Cockroach Labs Ready for Primetime with Scale-Out Database
Until recently, companies that need a distributed, ACID-compliant relational database to power global transactions didn’t have a lot of options. There was Google Spanner and not much else. But now a group distributed systems experts from Google says their new database, CockroachDB from Cockroach Labs, is ready for business.
Today, organizations have many different options available to them for managing data. On top of scale-up and scale-out relational databases, you have a raft of NoSQL databases, a variety of distributed file systems, and let’s not forget the object stores. These are all available in the cloud, on premise, and sometimes a combination of the two.
But sometimes, for some workloads, nothing but a good old ACID-compliant relational database will do, says Jim Walker, vice president of product marketing with Cockroach Labs.
“There’s a lot of workloads locked up in Oracle and SQL Server and Db2 and they aren’t moving because they’ve got to be right,” Walker said at the recent Strata Data conference. “Everybody is struggling with same thing. They want massive global scale, or scale within a single data center. But they want transactions. They want consistent transactions — not take NoSQL and put transactional layers on top of it — but a truly relational data store, like Spanner had done.”

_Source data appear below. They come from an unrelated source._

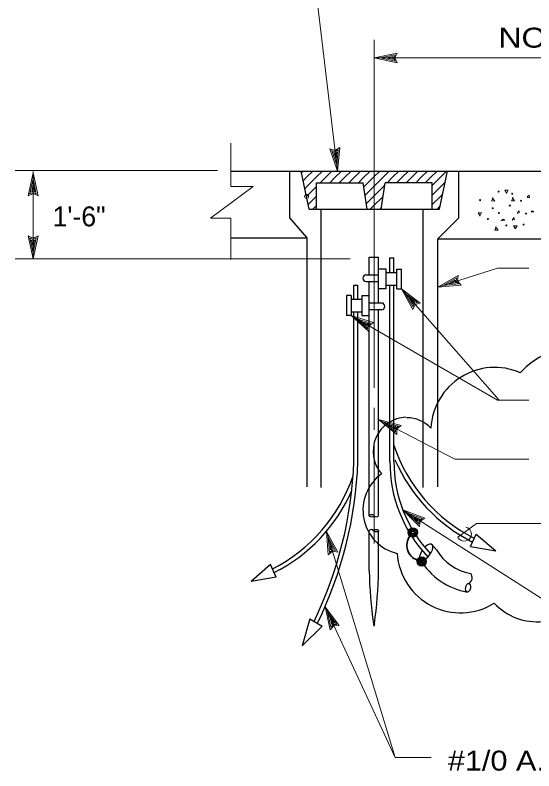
# Model space of a CAD drawing. Extents: x -39.6 to 16.1, y -17.6 to 34.
# Drawn here: x -11.635 to -8.378, y -3.13 to 1.61 of the extents above; entities that cross this region are included whole.
import ezdxf
from ezdxf.enums import TextEntityAlignment as Align

# ---------------------------------------------------------------- set-up
doc = ezdxf.new("R2010")
doc.units = 0
doc.header["$LTSCALE"] = 0.05
doc.header["$PDMODE"] = 32
doc.header["$PDSIZE"] = 0.025
doc.layers.add('1', color=7, linetype='Continuous', lineweight=13)
doc.layers.add('2', color=7, linetype='Continuous', lineweight=13)

msp = doc.modelspace()

# ---------------------------------------------------------------- linework, layer by layer
at = {"layer": '1'}
for p, q in [((-9.38021, -0.72858), (-9.38021, 1.45442)), ((-9.38021, 1.34142), (-9.23621, 1.37242)), ((-9.38021, 1.34142), (-6.38321, 1.34142)), ((-9.38021, 1.34142), (-9.23621, 1.31042)), ((-9.34321, 1.34142), (-9.24921, 1.36142)), ((-9.34321, 1.34142), (-9.24921, 1.32142)), ((-9.30721, 1.34142), (-9.26221, 1.35142)), ((-9.30721, 1.34142), (-9.26221, 1.33242)), ((-9.26221, 1.35142), (-9.26621, 1.34142)), ((-9.26621, 1.34142), (-9.26221, 1.33242)), ((-9.24921, 1.36142), (-9.25821, 1.34142)), ((-9.25821, 1.34142), (-9.24921, 1.32142)), ((-10.28021, 0.53542), (-10.28021, 0.80642)), ((-9.61521, 0.66942), (-9.64621, 0.76042)), ((-9.64621, 0.76042), (-9.62521, 0.75342)), ((-9.62521, 0.75342), (-9.60721, 0.76442)), ((-9.61521, 0.66942), (-9.60721, 0.76442)), ((-9.61121, 0.63242), (-9.59721, 0.77942)), ((-9.62021, 0.70442), (-9.63521, 0.74842)), ((-9.63521, 0.74842), (-9.62421, 0.74542)), ((-9.62421, 0.74542), (-9.61621, 0.75042)), ((-9.62021, 0.70442), (-9.61621, 0.75042)), ((-10.36521, 0.63542), (-11.63521, 0.63542)), ((-11.52221, 0.62042), (-11.55321, 0.47642)), ((-11.52221, 0.08142), (-11.52221, 0.62942)), ((-11.52221, 0.62042), (-11.49121, 0.47642)), ((-9.83621, 0.62142), (-9.82621, 0.63242)), ((-9.80521, 0.59342), (-9.76621, 0.63242)), ((-9.74521, 0.59342), (-9.70621, 0.63242)), ((-9.68521, 0.59342), (-9.64621, 0.63242)), ((-9.62521, 0.59342), (-9.58621, 0.63242)), ((-9.56521, 0.59342), (-9.52621, 0.63242)), ((-9.50521, 0.59342), (-9.46621, 0.63242)), ((-9.44521, 0.59342), (-9.40621, 0.63242)), ((-9.38521, 0.59342), (-9.34621, 0.63242)), ((-9.32521, 0.59342), (-9.28621, 0.63242)), ((-9.26521, 0.59342), (-9.22621, 0.63242)), ((-9.20521, 0.59342), (-9.16621, 0.63242)), ((-9.14521, 0.59342), (-9.10621, 0.63242)), ((-9.08521, 0.59342), (-9.04621, 0.63242)), ((-9.02521, 0.59342), (-8.98621, 0.63242)), ((-8.96521, 0.59342), (-8.92621, 0.63242)), ((-11.52221, 0.58342), (-11.54221, 0.48942)), ((-11.52221, 0.58342), (-11.50221, 0.48942)), ((-9.82621, 0.57142), (-9.80521, 0.59342)), ((-9.80521, 0.53342), (-9.74521, 0.59342)), ((-9.72021, 0.55842), (-9.68521, 0.59342)), ((-9.66021, 0.55842), (-9.62521, 0.59342)), ((-9.60021, 0.55842), (-9.56521, 0.59342)), ((-9.54021, 0.55842), (-9.50521, 0.59342)), ((-9.48021, 0.55842), (-9.44521, 0.59342)), ((-9.44521, 0.53342), (-9.38521, 0.59342)), ((-9.38521, 0.53342), (-9.32521, 0.59342)), ((-9.30021, 0.55842), (-9.26521, 0.59342)), ((-9.24021, 0.55842), (-9.20521, 0.59342)), ((-9.18021, 0.55842), (-9.14521, 0.59342)), ((-9.12021, 0.55842), (-9.08521, 0.59342)), ((-9.06021, 0.55842), (-9.02521, 0.59342)), ((-9.01721, 0.54142), (-8.96521, 0.59342)), ((-11.52221, 0.54742), (-11.53121, 0.50242)), ((-11.52221, 0.54742), (-11.51221, 0.50242)), ((-10.40821, 0.33642), (-10.14021, 0.53542)), ((-10.28021, 0.53542), (-10.14021, 0.53542)), ((-9.81521, 0.52242), (-9.80521, 0.53342)), ((-9.80521, 0.47342), (-9.74521, 0.53342)), ((-9.74521, 0.53342), (-9.74321, 0.53542)), ((-9.44521, 0.53242), (-9.44521, 0.53342)), ((-9.43721, 0.48142), (-9.38521, 0.53342)), ((-9.38521, 0.47342), (-9.32521, 0.53342)), ((-9.32521, 0.53342), (-9.31321, 0.54542)), ((-9.01721, 0.48142), (-8.96521, 0.53342)), ((-8.96521, 0.53342), (-8.93621, 0.56242)), ((-11.52221, 0.49842), (-11.54221, 0.48942)), ((-11.52221, 0.50642), (-11.53121, 0.50242)), ((-11.51221, 0.50242), (-11.52221, 0.50642)), ((-11.50221, 0.48942), (-11.52221, 0.49842)), ((-9.74521, 0.47342), (-9.74321, 0.47542)), ((-9.32521, 0.47342), (-9.32421, 0.47542)), ((-8.96521, 0.47342), (-8.95221, 0.48742)), ((-9.79521, 0.42342), (-9.74521, 0.47342)), ((-9.42921, 0.42942), (-9.38521, 0.47342)), ((-9.38521, 0.41342), (-9.32521, 0.47342)), ((-9.01721, 0.42142), (-8.96521, 0.47342)), ((-9.76521, 0.39342), (-9.74521, 0.41342)), ((-9.74521, 0.41342), (-9.74321, 0.41542)), ((-9.40521, 0.39342), (-9.38521, 0.41342)), ((-9.34521, 0.39342), (-9.33521, 0.40442)), ((-8.98521, 0.39342), (-8.96821, 0.41142)), ((-10.40821, 0.33642), (-10.28021, 0.33642)), ((-10.28021, 0.07642), (-10.28021, 0.33642)), ((-11.52221, 0.08142), (-11.55321, 0.22542)), ((-11.52221, 0.11842), (-11.54221, 0.21242)), ((-11.54221, 0.21242), (-11.52221, 0.20342)), ((-11.52221, 0.15442), (-11.53221, 0.19942)), ((-11.53221, 0.19942), (-11.52221, 0.19542)), ((-11.52221, 0.08142), (-11.49121, 0.22542)), ((-11.52221, 0.11842), (-11.50221, 0.21242)), ((-11.52221, 0.20342), (-11.50221, 0.21242)), ((-11.52221, 0.15442), (-11.51321, 0.19942)), ((-11.52221, 0.19542), (-11.51321, 0.19942)), ((-9.53221, 0.08142), (-11.63521, 0.08142)), ((-8.60721, 0.02342), (-8.98221, -0.09658)), ((-8.60721, 0.02342), (-8.41021, 0.02342)), ((-8.98221, -0.09658), (-8.85421, -0.02358)), ((-8.94721, -0.08558), (-8.86321, -0.03758)), ((-8.86321, -0.03758), (-8.86621, -0.05958)), ((-8.98221, -0.09658), (-8.83521, -0.08258)), ((-8.94721, -0.08558), (-8.85121, -0.07558)), ((-8.91221, -0.07458), (-8.87321, -0.05158)), ((-8.91221, -0.07458), (-8.86721, -0.06958)), ((-8.87321, -0.05158), (-8.87321, -0.06158)), ((-8.87321, -0.06158), (-8.86721, -0.06958)), ((-8.86621, -0.05958), (-8.85121, -0.07558)), ((-8.59621, -0.80558), (-9.21021, -0.10758)), ((-9.21021, -0.10758), (-9.09221, -0.19558)), ((-9.21021, -0.10758), (-9.13821, -0.23658)), ((-9.18621, -0.13558), (-9.10821, -0.19258)), ((-9.18621, -0.13558), (-9.13821, -0.21958)), ((-9.16221, -0.16258), (-9.13921, -0.20258)), ((-9.16221, -0.16258), (-9.12521, -0.18958)), ((-9.12521, -0.18958), (-9.13521, -0.19358)), ((-9.13521, -0.19358), (-9.13921, -0.20258)), ((-9.12921, -0.19958), (-9.13821, -0.21958)), ((-9.10821, -0.19258), (-9.12921, -0.19958)), ((-8.60721, -0.80558), (-9.52621, -0.27358)), ((-9.52621, -0.27358), (-9.38621, -0.31858)), ((-9.52621, -0.27358), (-9.41721, -0.37258)), ((-9.49421, -0.29258), (-9.40321, -0.32158)), ((-9.49421, -0.29258), (-9.42321, -0.35658)), ((-9.46321, -0.31058), (-9.42821, -0.34058)), ((-9.46321, -0.31058), (-9.41921, -0.32358)), ((-9.42721, -0.33058), (-9.42821, -0.34058)), ((-9.41921, -0.32358), (-9.42721, -0.33058)), ((-9.40321, -0.32158), (-9.42021, -0.33458)), ((-9.42021, -0.33458), (-9.42321, -0.35658)), ((-8.60721, -0.80558), (-8.41021, -0.80558)), ((-9.38021, -0.99158), (-9.38021, -0.85258)), ((-8.87382, -1.17427), (-9.35321, -0.92558)), ((-9.35321, -0.92558), (-9.21121, -0.96458)), ((-9.35321, -0.92558), (-9.23921, -1.01958)), ((-9.32021, -0.94258), (-9.22821, -0.96858)), ((-9.32021, -0.94258), (-9.24621, -1.00358)), ((-9.28821, -0.95958), (-9.25221, -0.98758)), ((-9.28821, -0.95958), (-9.24421, -0.97058)), ((-9.24421, -0.97058), (-9.25221, -0.97758)), ((-9.25221, -0.97758), (-9.25221, -0.98758)), ((-9.24521, -0.98158), (-9.24621, -1.00358)), ((-9.22821, -0.96858), (-9.24521, -0.98158)), ((-9.38021, -1.70358), (-9.38021, -1.07858)), ((-8.87382, -1.17427), (-8.41021, -1.17427)), ((-9.20121, -1.49358), (-9.09621, -1.59758)), ((-9.17021, -1.51358), (-9.08021, -1.54758)), ((-9.17021, -1.51358), (-9.10121, -1.58058)), ((-9.13921, -1.53258), (-9.10621, -1.56458)), ((-9.13921, -1.53258), (-9.09621, -1.54858)), ((-9.10521, -1.55458), (-9.10621, -1.56458)), ((-9.09621, -1.54858), (-9.10521, -1.55458)), ((-9.09821, -1.55958), (-9.10121, -1.58058)), ((-9.08021, -1.54758), (-9.09821, -1.55958)), ((-8.85548, -1.6635), (-8.73822, -1.57821)), ((-8.73822, -1.57821), (-7.89371, -1.57821)), ((-9.24821, -3.04658), (-9.68121, -1.62858)), ((-9.68121, -1.62858), (-9.60921, -1.75758)), ((-9.68121, -1.62858), (-9.66921, -1.77558)), ((-9.67021, -1.66358), (-9.62421, -1.74758)), ((-9.67021, -1.66358), (-9.66221, -1.75958)), ((-9.66021, -1.69858), (-9.65521, -1.74358)), ((-9.66021, -1.69858), (-9.63721, -1.73858)), ((-9.64521, -1.74558), (-9.66221, -1.75958)), ((-9.64821, -1.73758), (-9.65521, -1.74358)), ((-9.63721, -1.73858), (-9.64821, -1.73758)), ((-9.62421, -1.74758), (-9.64521, -1.74558)), ((-9.24821, -3.04658), (-9.68921, -2.10158)), ((-9.68921, -2.10158), (-9.60021, -2.21858)), ((-9.68921, -2.10158), (-9.65621, -2.24558)), ((-9.67321, -2.13558), (-9.61521, -2.21158)), ((-9.67321, -2.13558), (-9.65221, -2.22858)), ((-9.65821, -2.16758), (-9.64721, -2.21258)), ((-9.65821, -2.16758), (-9.63021, -2.20458)), ((-9.63721, -2.21258), (-9.65221, -2.22858)), ((-9.64121, -2.20458), (-9.64721, -2.21258)), ((-9.63021, -2.20458), (-9.64121, -2.20458)), ((-9.61521, -2.21158), (-9.63721, -2.21258)), ((-9.24821, -3.04658), (-9.02321, -3.04658))]:
    msp.add_line(p, q, dxfattribs=at)
at = {"layer": '1', "lineweight": 25}
for p, q in [((-10.28021, 0.63242), (-3.87821, 0.63242)), ((-9.91021, 0.33942), (-9.91021, 0.63242)), ((-9.78921, 0.39342), (-9.83921, 0.63242)), ((-8.97121, 0.39342), (-8.92121, 0.63242)), ((-8.85021, 0.33942), (-8.85021, 0.63242)), ((-9.74321, 0.39342), (-9.74321, 0.55842)), ((-9.74321, 0.55842), (-9.44921, 0.55842)), ((-9.42421, 0.39342), (-9.44921, 0.55842)), ((-9.33621, 0.39342), (-9.31121, 0.55842)), ((-9.01721, 0.55842), (-9.31121, 0.55842)), ((-9.01721, 0.39342), (-9.01721, 0.55842)), ((-9.78921, 0.39342), (-8.97121, 0.39342)), ((-9.71421, -1.35258), (-9.71421, 0.39342)), ((-9.07421, -1.35258), (-9.07421, 0.39342)), ((-9.80221, 0.21242), (-9.91021, 0.33942)), ((-8.98221, 0.20742), (-8.85021, 0.33942)), ((-10.28021, 0.21242), (-9.80221, 0.21242)), ((-9.80221, -1.34958), (-9.80221, 0.21242)), ((-8.98221, 0.20742), (-6.38321, 0.20742)), ((-8.98221, -1.34958), (-8.98221, 0.20742)), ((-9.41221, 0.09242), (-9.35321, 0.09242)), ((-9.41221, -0.01858), (-9.41221, 0.09242)), ((-9.35321, -0.19758), (-9.35321, 0.09242)), ((-9.28221, 0.08742), (-9.25721, 0.08742)), ((-9.28221, -0.00458), (-9.28221, 0.08742)), ((-9.25721, -0.00158), (-9.25721, 0.08742)), ((-9.23921, -0.10758), (-9.23921, 0.01742)), ((-9.23921, 0.01742), (-9.21021, 0.01742)), ((-9.21021, -0.10758), (-9.21021, 0.01742)), ((-9.43321, -0.01858), (-9.35421, -0.01858)), ((-9.30621, -0.00358), (-9.23921, -0.00358)), ((-9.50821, -0.08258), (-9.48321, -0.08258)), ((-9.50821, -0.17558), (-9.50821, -0.08258)), ((-9.48321, -0.17558), (-9.48321, -0.08258)), ((-9.43321, -0.06058), (-9.35421, -0.06058)), ((-9.41221, -1.52958), (-9.41221, -0.06158)), ((-9.30621, -0.08258), (-9.23921, -0.08258)), ((-9.28221, -1.18958), (-9.28221, -0.08458)), ((-9.25721, -1.18958), (-9.25721, -0.08258)), ((-9.30621, -0.10758), (-9.35321, -0.10758)), ((-9.23921, -0.10758), (-9.21021, -0.10758)), ((-9.55521, -0.14858), (-9.55521, -0.27358)), ((-9.52621, -0.14858), (-9.55521, -0.14858)), ((-9.52621, -0.14858), (-9.52621, -0.27358)), ((-9.45921, -0.17358), (-9.52621, -0.17358)), ((-9.45921, -0.14858), (-9.41221, -0.14858)), ((-9.33221, -0.19558), (-9.41121, -0.19558)), ((-9.52621, -0.27358), (-9.55521, -0.27358)), ((-9.45921, -0.25258), (-9.52621, -0.25258)), ((-9.50821, -1.18958), (-9.50821, -0.25358)), ((-9.48321, -1.18958), (-9.48321, -0.25158)), ((-9.33221, -0.23758), (-9.41121, -0.23758)), ((-9.35321, -1.52958), (-9.35321, -0.23958)), ((-9.41221, -1.87558), (-9.41221, -1.62358)), ((-9.35321, -1.87558), (-9.35321, -1.62358)), ((-9.02121, -1.70858), (-8.99021, -1.74358)), ((-8.7763, -1.72383), (-8.6173, -1.74983)), ((-9.99521, -1.91558), (-10.15421, -1.94158)), ((-9.78521, -2.17758), (-9.70721, -2.22258)), ((-9.38621, -2.20858), (-9.38321, -2.22158)), ((-9.37921, -2.20858), (-9.38321, -2.22158))]:
    msp.add_line(p, q, dxfattribs=at)
at = {"layer": '1'}
for points in [[(-9.76721, 1.94842), (-9.61121, 0.63242), (-9.65921, 0.77142)], [(-9.23621, 1.37242), (-9.25021, 1.34142), (-9.23621, 1.31042)], [(-9.65921, 0.77142), (-9.62621, 0.76142), (-9.59721, 0.77942)], [(-11.49121, 0.47642), (-11.52221, 0.49042), (-11.55321, 0.47642)], [(-11.55321, 0.22542), (-11.52221, 0.21142), (-11.49121, 0.22542)], [(-8.85421, -0.02358), (-8.85821, -0.05658), (-8.83521, -0.08258)], [(-9.09221, -0.19558), (-9.12421, -0.20558), (-9.13821, -0.23658)], [(-9.38621, -0.31858), (-9.41321, -0.33858), (-9.41721, -0.37258)], [(-9.21121, -0.96458), (-9.23821, -0.98558), (-9.23921, -1.01958)], [(-8.08377, -2.20527), (-9.20121, -1.49358), (-9.06321, -1.54458)], [(-9.06321, -1.54458), (-9.09121, -1.56358), (-9.09621, -1.59758)], [(-9.60921, -1.75758), (-9.64321, -1.75258), (-9.66921, -1.77558)], [(-9.60021, -2.21858), (-9.63421, -2.21958), (-9.65621, -2.24558)]]:
    msp.add_lwpolyline(points, dxfattribs=at)
msp.add_lwpolyline([(-9.83921, 0.63242), (-9.78921, 0.39342), (-9.74321, 0.39342), (-9.74321, 0.55842), (-9.44921, 0.55842), (-9.42421, 0.39342), (-9.33621, 0.39342), (-9.31121, 0.55842), (-9.01721, 0.55842), (-9.01721, 0.39342), (-8.97121, 0.39342), (-8.92121, 0.63242)], close=True, dxfattribs=at)
at = {"layer": '1', "lineweight": 25}
for points in [[(-9.30621, -0.10758), (-9.30621, 0.01742), (-9.35321, 0.01742)], [(-9.45921, -0.14858), (-9.45921, -0.27358), (-9.41221, -0.27358)], [(-8.7763, -1.72383), (-8.7403, -1.64483), (-8.6173, -1.74983)], [(-9.99521, -1.91558), (-10.03121, -1.83658), (-10.15421, -1.94158)], [(-9.78521, -2.17758), (-9.83321, -2.34558), (-9.70721, -2.22258)]]:
    msp.add_lwpolyline(points, dxfattribs=at)
for centre, radius in [((-9.13846, -1.63477), 0.02891), ((-9.13846, -1.63477), 0.02242), ((-9.13846, -1.63477), 0.01644), ((-9.13846, -1.63477), 0.0083), ((-9.08246, -1.81677), 0.02891), ((-9.08246, -1.81677), 0.02242), ((-9.08246, -1.81677), 0.01644), ((-9.08246, -1.81677), 0.0083)]:
    msp.add_circle(centre, radius, dxfattribs=at)
for centre, radius, start, end in [((-8.08232, -0.98618), 0.52021, 49.25934, 137.21745), ((-8.62395, -1.0004), 0.4008, 66.49904, 177.19519), ((-9.17376, -1.12575), 0.21389, 92.1212, 221.34757), ((-9.17805, -1.12716), 0.2123, 43.5876, 89.77221), ((-8.28942, -0.75933), 1.02274, 198.67622, 243.15254), ((-8.28942, -0.75933), 1.04888, 203.63508, 243.15254), ((-12.01957, -1.09628), 2.51309, 334.13592, 357.87225), ((-12.01957, -1.09628), 2.53809, 334.13592, 357.87225), ((-8.42133, -1.19331), 0.86096, 179.75224, 223.46526), ((-8.42133, -1.19331), 0.83587, 179.75224, 223.46526), ((-10.4821, -0.95108), 1.02274, 296.84746, 341.32378), ((-9.17168, -1.49459), 0.2797, 125.55807, 256.64033), ((-10.4821, -0.95108), 1.04888, 296.84746, 336.36492), ((-9.36721, -1.51915), 0.01746, 216.68235, 323.31765), ((-9.39821, -1.63401), 0.01746, 36.68235, 143.31765), ((-8.72285, -1.58646), 0.3096, 210.44834, 260.14123), ((-8.83915, -1.74135), 0.39797, 183.65494, 302.07617), ((-8.72285, -1.58646), 0.42845, 210.44834, 260.14123), ((-6.62265, -1.82529), 2.79001, 181.03278, 187.89619), ((-12.14277, -1.82529), 2.79001, 352.10381, 358.96722), ((-8.8056, -1.91891), 0.04014, 297.28052, 42.91111), ((-8.3569, -1.82236), 0.37288, 223.40398, 327.48388)]:
    msp.add_arc(centre, radius, start, end, dxfattribs=at)
at = {"layer": '1'}
msp.add_arc((-8.81514, -1.64467), 0.04452, 205.02418, 78.69149, dxfattribs=at)
at = {"layer": '1', "lineweight": 35}
msp.add_arc((-9.07933, -1.71606), 0.09659, 142.74187, 251.35619, dxfattribs=at)
at = {"layer": '1', "lineweight": 25}
for centre, major_axis, ratio, start_param, end_param in [((-9.43321, -0.03958), (0, -0.021), 0.861056, 3.1415927, 6.2831853), ((-9.33221, -0.21658), (0, 0.021), 0.861056, 3.1415927, 6.2831853), ((-9.05421, -1.75808), (0.035, 0.0485), 0.460126, 1.7221698, 7.5061396)]:
    msp.add_ellipse(centre, major_axis=major_axis, ratio=ratio, start_param=start_param, end_param=end_param, dxfattribs=at)
for centre, major_axis, ratio in [((-9.39671, -1.53008), (0.0155, -0.0005), 0.501832), ((-9.36871, -1.62308), (0.0155, -0.0005), 0.501832), ((-8.79171, -1.98158), (0.0045, 0.027), 0.536446)]:
    msp.add_ellipse(centre, major_axis=major_axis, ratio=ratio, dxfattribs=at)
at = {"layer": '1'}
msp.add_point((-9.80521, 0.47342), dxfattribs=at)
at = {"layer": '2'}
msp.add_line((-8.42021, 0.47042), (-8.40821, 0.48042), dxfattribs=at)
for points in [[(-8.55121, 0.49542), (-8.56121, 0.51242), (-8.53921, 0.51242), (-8.55121, 0.49142)], [(-8.40821, 0.48142), (-8.40521, 0.46642), (-8.42021, 0.46642)], [(-8.63421, 0.46442), (-8.64421, 0.44442), (-8.62321, 0.44242), (-8.63921, 0.46442)], [(-8.50921, 0.46642), (-8.51921, 0.44642), (-8.49921, 0.44442), (-8.51421, 0.46642)], [(-8.39521, 0.37542), (-8.38821, 0.38342), (-8.37921, 0.37542), (-8.39321, 0.37342)], [(-8.71821, 0.35342), (-8.72821, 0.37042), (-8.70621, 0.37042), (-8.71821, 0.34942)], [(-8.58021, 0.32342), (-8.57021, 0.32942), (-8.56121, 0.32342), (-8.58521, 0.31942)], [(-8.49621, 0.27242), (-8.50621, 0.28942), (-8.48421, 0.28942), (-8.49621, 0.26942)], [(-8.61421, 0.28242), (-8.62421, 0.26242), (-8.60321, 0.26042), (-8.61921, 0.28242)]]:
    msp.add_lwpolyline(points, dxfattribs=at)
for points in [[(-8.48421, 0.36642), (-8.47421, 0.38342), (-8.46921, 0.37142)], [(-8.51421, 0.32342), (-8.50421, 0.34042), (-8.49921, 0.32842)]]:
    msp.add_lwpolyline(points, close=True, dxfattribs=at)
for centre in [(-8.59971, 0.50317), (-8.51421, 0.48967), (-8.71621, 0.44967), (-8.45871, 0.44617), (-8.63671, 0.39917), (-8.52921, 0.41567), (-8.66721, 0.33167), (-8.59821, 0.36867), (-8.42821, 0.36517), (-8.55121, 0.29117), (-8.44321, 0.29617)]:
    msp.add_circle(centre, 0.00325, dxfattribs=at)

# ---------------------------------------------------------------- texts
at = {"layer": '1', "width": 1.2}
msp.add_text('NOT LESS THAN', height=0.125, dxfattribs=at).set_placement((-7.80371, 1.40642), align=Align.CENTER)
at = {"layer": '1'}
msp.add_text('1\'-6"', height=0.125, dxfattribs=at).set_placement((-11.23371, 0.28542), align=Align.CENTER)
at = {"layer": '1', "width": 1.15}
msp.add_text('#1/0 A.W.G. BARE', height=0.125, dxfattribs=at).set_placement((-8.91821, -3.12858))

doc.saveas('drawing.dxf')

The three founders of Cockroach Labs — Peter Mattis, Ben Darnell, and Spencer Kimball — watched as their Google colleagues developed Spanner into the world’s first globally distributed ACID-compliant database. Spanner achieved the difficult feat by relying on atomic clocks installed in Google data centers to achieve transactional consistency.
From their work developing Google Colossus (pdf), the second generation of the Google File System, Mattis, Darnell, and Kimball realized the significance of Spanner, and so they set out to build a similar system that could deliver the same transactional benefits, but without the reliance on atomic clocks installed in data centers.
CockroachDB achieves this feat using the RAFT consensus algorithm and multi-version consensus control (MVCC), which Walker calls the “rocket science” underlying the database. Also playing a role is network time protocol (NTP), which the database uses to track how closely the geographical distributed nodes in the database are in synch. The developers created logic in the database to “skew” the time across the various nodes, which makes it resilient to a certain degree of difference.
“If every node is aligned, that’s great,” Walker told Datanani. “But if one node is 10 milliseconds off, which happens, or 40 milliseconds off, we can actually deal with that within our execution engine. If a node gets too far off, what we do is just kill it, because that’s okay. The database will rebuild itself and it will actually bring it back to where it needs to be.”
CockroachDB is wire protocol-compliant with Postgres, which means there should not be too much work for a customer using Postgres to replace the database with CockroachDB. That’s not to say that you should think that you can just drop CockroachDb in for Postgres and be done with it. Replacing a database is never easy, and should be done with the utmost care, particularly for high-value transactional workloads.
“What will kill you is the corner cases,” Walker said. “You can’t have some corner case pop up. So it takes a while for databases to gestate. We’ve been building for four years. And we’ve just kind of started this whole go to market because now it’s at a point where the DB is extremely solid.”
While the underpinnings are solid, the database will continue maturing in the coming years, Walker said. The company continues to work through tough problems, including with etcd, the key-value store underlying Kubernetes. CockroachDB relies on Kubernetes, and its developers have fixed upstream problems in etcd, Walker said.
Cockroach Labs is beginning to be deployed use in these types of production systems. Telecom giant Comcast has adopted it. So has Baidu, WeWork, and Kindred Group, the Stockhom-based European gambling giant. When the company expanded its operations to New Jersey recently, CockroachDB’s ease of use really shined, Walker said. “They’re able to scale the database to Jersey because they just spin up some new nodes and point it at the cloister and the data gets spread out,” he said.
CockroachDB isn’t the only distributed ACID-compliant relational database on the market these days. Amazon Web Service (AWS) has Aurora, and Fauna has FaunaDB too. Cockroach Labs welcomes the competition, and is confident that it’s database will be what the market demands.
“We believe the future is cloud native and we believe the future is ultimately global,” he said. “There’s a lot of really smart CTOs at these financial institutions who are thinking, I can’t be Ubered. There’s going to be some other banking thing that comes up. How do we mitigate that risk?
“How do you do distributed transactions at scale?” he continued. “What’s that cloud native database that’s going to open that up? That’s what we feel is right.